The state of New York has become the first jurisdiction to pass new guns laws in the wake of the December 14, 2012 mass shooting at the Sandy Hook Elementary School in Newtown, Connecticut. The new legislation is being touted as the toughest gun law anywhere in the United States. On January 15, 2013, the second day the new legislature sat, the State Assembly approved the new law by a vote of 104-43. The day before, the bill passed the State Senate 43-18.
Within an hour of the vote in the State Assembly, Gov. Andrew Cuomo signed the legislation into law.
Assault Weapon Ban: Summary of New York’s Gun Law
The law is known as the NY Secure Ammunition and Firearms Enforcement (SAFE) Act of 2013. Under the Act, the definition of an assault weapon has been changed.
- Firearms with any features such as a pistol grip, a detachable magazine, a bayonet lug and a flash suppressor are considered ‘assault weapons.’ Under previous New York law, a firearm needed two of these features to be classified as an assault weapon. Under the SAFE Act, a rifle or handgun with only one feature falls under the definition. Owners of previously legal assault weapons may transfer them to a legitimate gun dealer or sell them out of state.
- All assault weapons must be registered in a police registry and all private sales of firearms must be registered in a state registry. Background checks must be conducted for those who purchase firearms in private sales. These background checks will be provided by licensed dealers who will charge a fee. Background checks will not be required for sales to members of the seller’s immediate family.
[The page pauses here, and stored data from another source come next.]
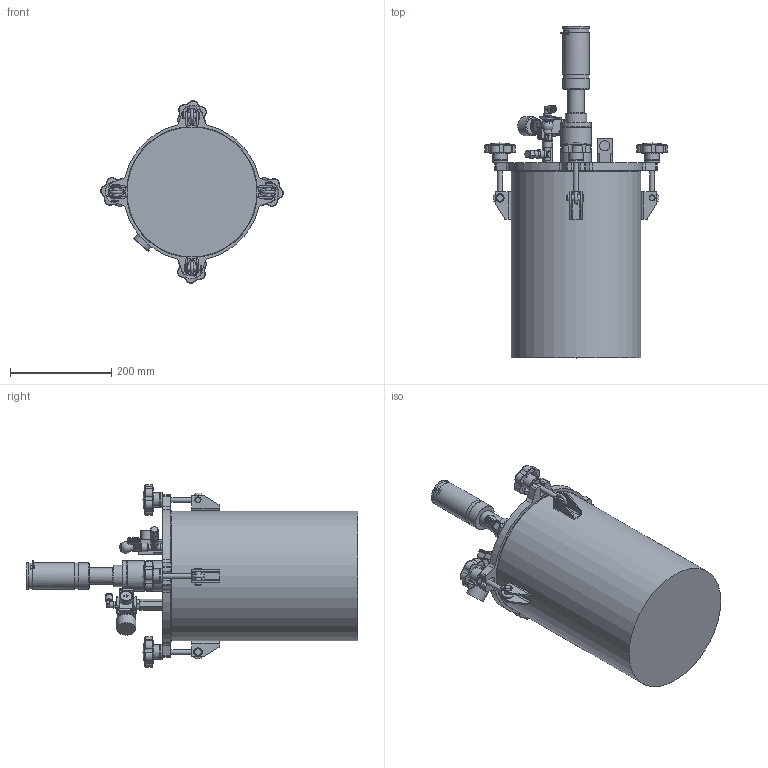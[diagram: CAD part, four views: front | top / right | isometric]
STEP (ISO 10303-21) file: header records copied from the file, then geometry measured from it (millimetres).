
FILE_DESCRIPTION (( 'STEP AP214' ), '1' );
FILE_NAME ('PT16LLS-STIR.STEP', '2024-10-11T14:37:38', ( '' ), ( '' ), 'SwSTEP 2.0', 'SolidWorks 2024', '' );
FILE_SCHEMA (( 'AUTOMOTIVE_DESIGN' ));
Length unit declared in the file: millimetre
Products named in the file (1): PT16LLS-STIR
Bounding box: 359.7 x 654.5 x 359.7 mm (x, y, z)
Volume: 20931164.8 mm3; surface area: 739467.6 mm2
Topology: 6 solids, 6 shells, 1222 faces, 3165 edges, 2012 vertices
Faces by surface type: plane 546, cylinder 325, bspline 206, cone 95, torus 46, sphere 4
Full cylindrical faces by diameter (mm): 2 x2, 5 x4, 5.6 x4, 8.15 x2, 8.566 x1, 9 x4, 9.4 x1, 10 x5, 10.2 x1, 11 x1, 12 x14, 12.5 x1, 12.6 x2, 13.5 x1, 13.8 x1, 14 x2, 14.5 x1, 16 x1, 16.5 x1, 17 x6, 18.8 x1, 20 x1, 22 x2, 24.5 x1, 26.5 x1, 27 x1, 28 x6, 30 x4, 33 x1, 37.5 x1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
Entity records: 74980 total; most frequent: CARTESIAN_POINT 48675, ORIENTED_EDGE 5776, DIRECTION 4538, EDGE_CURVE 2888, VERTEX_POINT 1911, AXIS2_PLACEMENT_3D 1623, EDGE_LOOP 1471, FACE_OUTER_BOUND 1312

- Retailers who sell ammunition must be registered with the state of New York and must conduct background checks of customers who purchase bullets. Retailers must also keep electronic records of ammunition sales.
- All sales of firearms and bullets on the Internet are banned.
Nine days after the Sandy Hook shooting, The Journal News, a Lower Hudson Valley, New York newspaper published a map giving the names and addresses of those who had valid gun permits in two New York counties. The names and addresses were obtained through Freedom of Information requests. The SAFE Act bans the release of information to the public of those who are legally able to own firearms.